Exact copies of all the entries are required, and no pictures should appear in them.

Saved entries
************

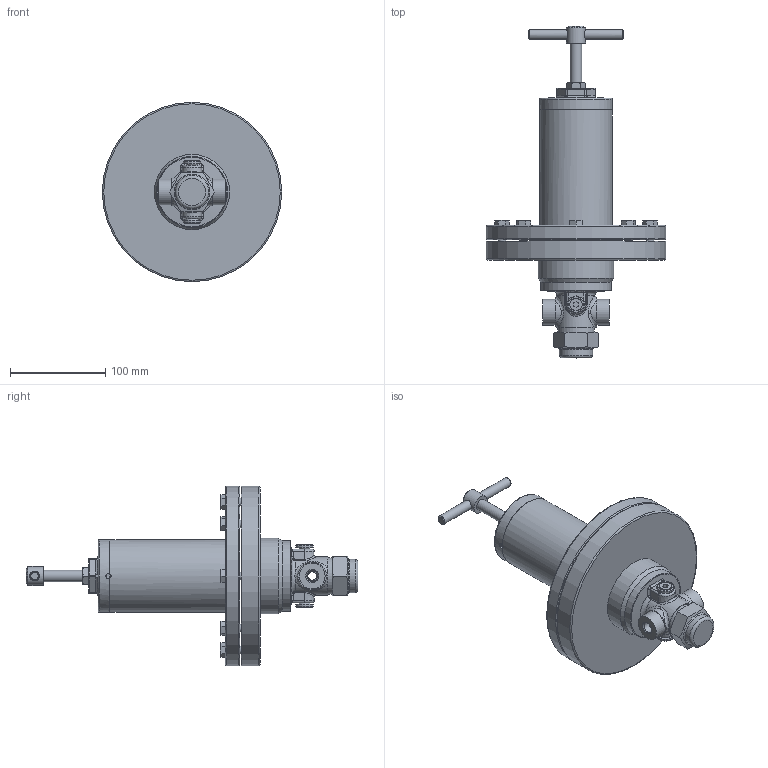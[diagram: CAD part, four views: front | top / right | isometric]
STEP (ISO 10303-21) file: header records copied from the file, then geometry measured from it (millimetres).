
FILE_DESCRIPTION(/* description */ (''),/* implementation_level */ '2;1');
FILE_NAME(/* name */ 'U:/AirCom-Produktdokumentation/Druckregler/R74/Zeichnungen/CAD-Aircom/3D/B-R74-02x.step',/* time_stamp */ '2022-06-20T10:39:43+02:00',/* author */ (''),/* organization */ (''),/* preprocessor_version */ 'ST-DEVELOPER v19',/* originating_system */ 'Autodesk Translation Framework v11.7.0.108',/* authorisation */ '');
FILE_SCHEMA (('AUTOMOTIVE_DESIGN { 1 0 10303 214 3 1 1 }'));
Length unit declared in the file: millimetre
Products named in the file (1): Typ_74-BG_0-G014-G014-MØ190
Bounding box: 188 x 348 x 188 mm (x, y, z)
Volume: 945432.6 mm3; surface area: 280435.8 mm2
Topology: 20 solids, 20 shells, 507 faces, 1144 edges, 703 vertices
Faces by surface type: plane 167, cone 155, cylinder 111, torus 48, bspline 26
Full cylindrical faces by diameter (mm): 5.5 x1, 6.2 x1, 6.65 x8, 8 x8, 8.6 x8, 9 x2, 10 x2, 10.1 x1, 11.45 x4, 12 x2, 13.16 x2, 13.7 x2, 18 x2, 20 x1, 27 x2, 30 x2, 31.875 x1, 35 x1, 38 x2, 38.5 x1, 41 x1, 69.7 x3, 70.2 x1, 70.4 x1, 72 x7, 72.111 x2, 72.5 x1, 74.5 x1, 76 x2, 79 x1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
Entity records: 19308 total; most frequent: CARTESIAN_POINT 8186, DIRECTION 2389, ORIENTED_EDGE 2270, EDGE_CURVE 1135, AXIS2_PLACEMENT_3D 1011, VERTEX_POINT 703, EDGE_LOOP 582, CIRCLE 513

************

__Expected output__:
[diagram: CAD part, four views: front | top / right | isometric]
STEP (ISO 10303-21) file: header records copied from the file, then geometry measured from it (millimetres).
FILE_DESCRIPTION(/* description */ (''),/* implementation_level */ '2;1');
FILE_NAME(/* name */ 'U:/AirCom-Produktdokumentation/Druckregler/R74/Zeichnungen/CAD-Aircom/3D/B-R74-02x.step',/* time_stamp */ '2022-06-20T10:39:43+02:00',/* author */ (''),/* organization */ (''),/* preprocessor_version */ 'ST-DEVELOPER v19',/* originating_system */ 'Autodesk Translation Framework v11.7.0.108',/* authorisation */ '');
FILE_SCHEMA (('AUTOMOTIVE_DESIGN { 1 0 10303 214 3 1 1 }'));
Length unit declared in the file: millimetre
Products named in the file (1): Typ_74-BG_0-G014-G014-MØ190
Bounding box: 188 x 348 x 188 mm (x, y, z)
Volume: 945432.6 mm3; surface area: 280435.8 mm2
Topology: 20 solids, 20 shells, 507 faces, 1144 edges, 703 vertices
Faces by surface type: plane 167, cone 155, cylinder 111, torus 48, bspline 26
Full cylindrical faces by diameter (mm): 5.5 x1, 6.2 x1, 6.65 x8, 8 x8, 8.6 x8, 9 x2, 10 x2, 10.1 x1, 11.45 x4, 12 x2, 13.16 x2, 13.7 x2, 18 x2, 20 x1, 27 x2, 30 x2, 31.875 x1, 35 x1, 38 x2, 38.5 x1, 41 x1, 69.7 x3, 70.2 x1, 70.4 x1, 72 x7, 72.111 x2, 72.5 x1, 74.5 x1, 76 x2, 79 x1
Entity records: 19308 total; most frequent: CARTESIAN_POINT 8186, DIRECTION 2389, ORIENTED_EDGE 2270, EDGE_CURVE 1135, AXIS2_PLACEMENT_3D 1011, VERTEX_POINT 703, EDGE_LOOP 582, CIRCLE 513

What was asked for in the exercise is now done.